MOMFBD allows for datasets where we switch NB filter while collecting the data. Then you get the kind of data set illustrated in Figure 3. Here we have to find the restored image of a single WB object and multiple NB objects. Because the fitted aberrations include image motions, which are then removed by the deconvolution, all the NB images come out aligned to the WB image—and therefore also to each other.
This is a useful property of the MOMFBD processing, as the NB images can look very different, e.g., in the core and in the wings of a spectral line, and therefore be difficult to align with other methods.

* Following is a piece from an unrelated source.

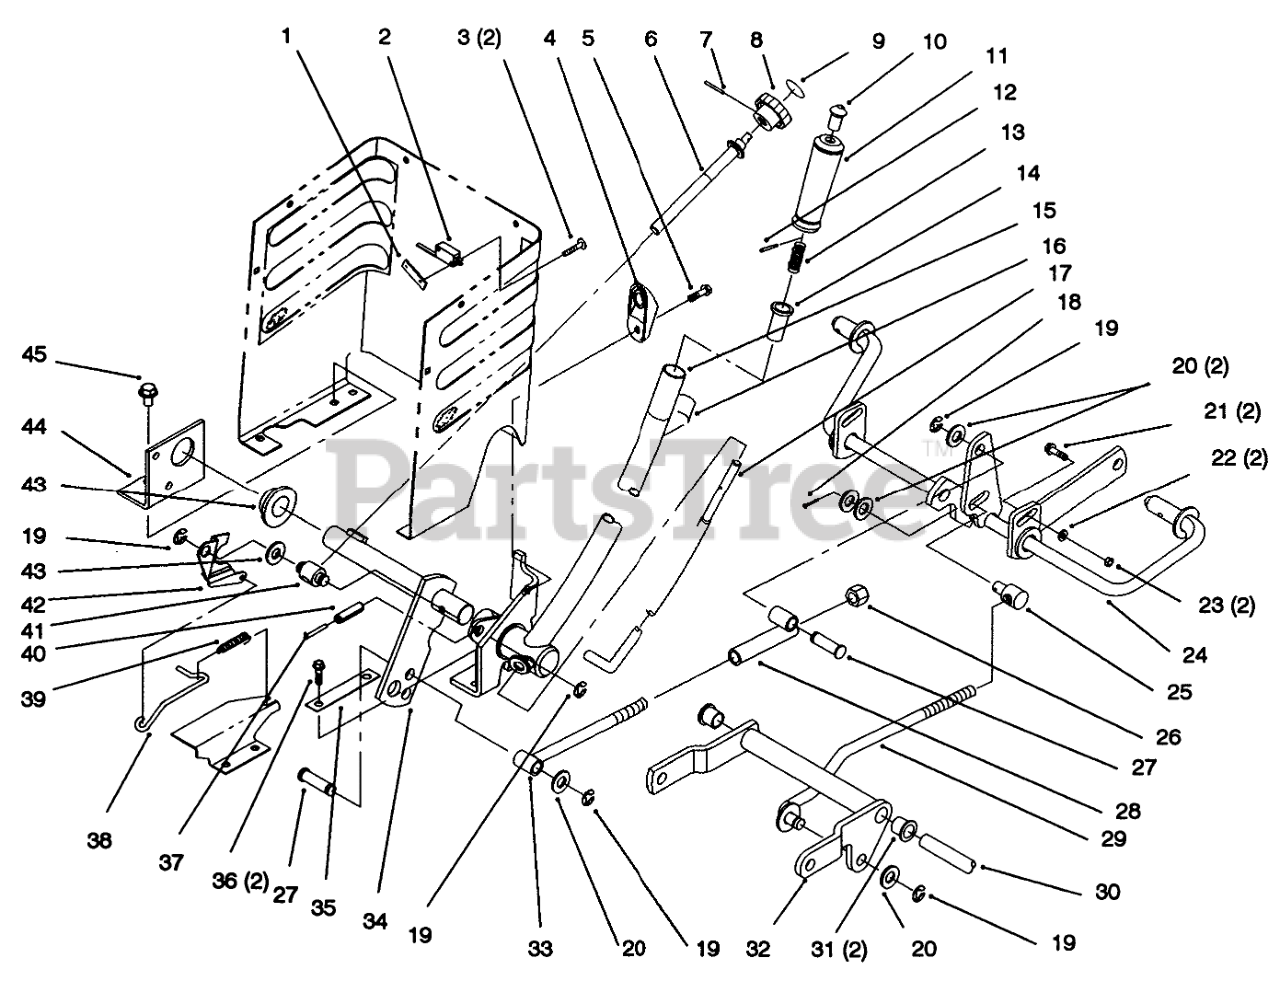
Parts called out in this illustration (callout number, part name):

The continuum, on the other hand, is fairly similar in different parts of the spectrum. So even if the NB wavelengths are too far separated for processing as a joint MOMFBD dataset, the WB images are still useful for alignment. If the WB filter is also switched to nearby continuum wavelengths, the continuum images can be used post-restoration to find the misalignment and apply it to the restored NB images.
MOMFBD image restoration can be used for the Tunable Imaging Spectropolarimeter (TIS) instruments as well. The TIS design is not fixed yet, but from an image restoration point of view it can be very similar to the chosen FBI design. Just add an extra NB camera and a polarising beamsplitter for dual-beam polarimetry and replace the NB filter wheel with tunable Fabry-Pérot etalons and a polarisation modulator. With or without the PD WB camera, the image restoration problem becomes larger but is in essence the same as for the FBI instruments.